Work to be completed =
Records follow. Select each line holding "inches".

Records for the task =
···

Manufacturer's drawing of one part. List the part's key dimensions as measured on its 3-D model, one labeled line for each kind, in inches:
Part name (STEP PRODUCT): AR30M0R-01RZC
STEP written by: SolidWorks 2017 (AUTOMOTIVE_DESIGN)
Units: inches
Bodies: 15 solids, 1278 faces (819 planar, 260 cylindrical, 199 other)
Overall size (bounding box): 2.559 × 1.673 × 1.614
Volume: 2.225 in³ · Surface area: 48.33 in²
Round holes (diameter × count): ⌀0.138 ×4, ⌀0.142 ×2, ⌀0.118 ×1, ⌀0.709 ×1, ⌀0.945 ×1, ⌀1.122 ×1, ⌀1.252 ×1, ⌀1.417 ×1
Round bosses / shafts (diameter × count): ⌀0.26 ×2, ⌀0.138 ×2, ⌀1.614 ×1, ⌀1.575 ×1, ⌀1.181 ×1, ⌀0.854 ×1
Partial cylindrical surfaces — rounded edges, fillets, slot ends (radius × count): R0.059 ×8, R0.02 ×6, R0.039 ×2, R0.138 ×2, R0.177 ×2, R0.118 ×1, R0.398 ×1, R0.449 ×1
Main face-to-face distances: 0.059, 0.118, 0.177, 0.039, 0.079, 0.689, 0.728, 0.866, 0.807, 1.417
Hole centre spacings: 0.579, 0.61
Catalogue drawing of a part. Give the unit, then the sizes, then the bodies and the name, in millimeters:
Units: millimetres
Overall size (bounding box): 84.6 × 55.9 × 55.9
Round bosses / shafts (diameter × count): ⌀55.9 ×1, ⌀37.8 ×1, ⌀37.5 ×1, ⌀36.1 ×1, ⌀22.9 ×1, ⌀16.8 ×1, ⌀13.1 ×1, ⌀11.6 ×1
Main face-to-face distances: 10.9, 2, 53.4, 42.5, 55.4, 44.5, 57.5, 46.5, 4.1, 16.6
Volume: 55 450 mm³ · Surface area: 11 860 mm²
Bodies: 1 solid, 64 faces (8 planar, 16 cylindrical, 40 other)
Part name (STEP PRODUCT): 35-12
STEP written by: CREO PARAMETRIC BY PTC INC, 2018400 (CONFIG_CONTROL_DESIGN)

···

Answer for the task =
Manufacturer's drawing of one part. List the part's key dimensions as measured on its 3-D model, one labeled line for each kind, in inches:
Units: inches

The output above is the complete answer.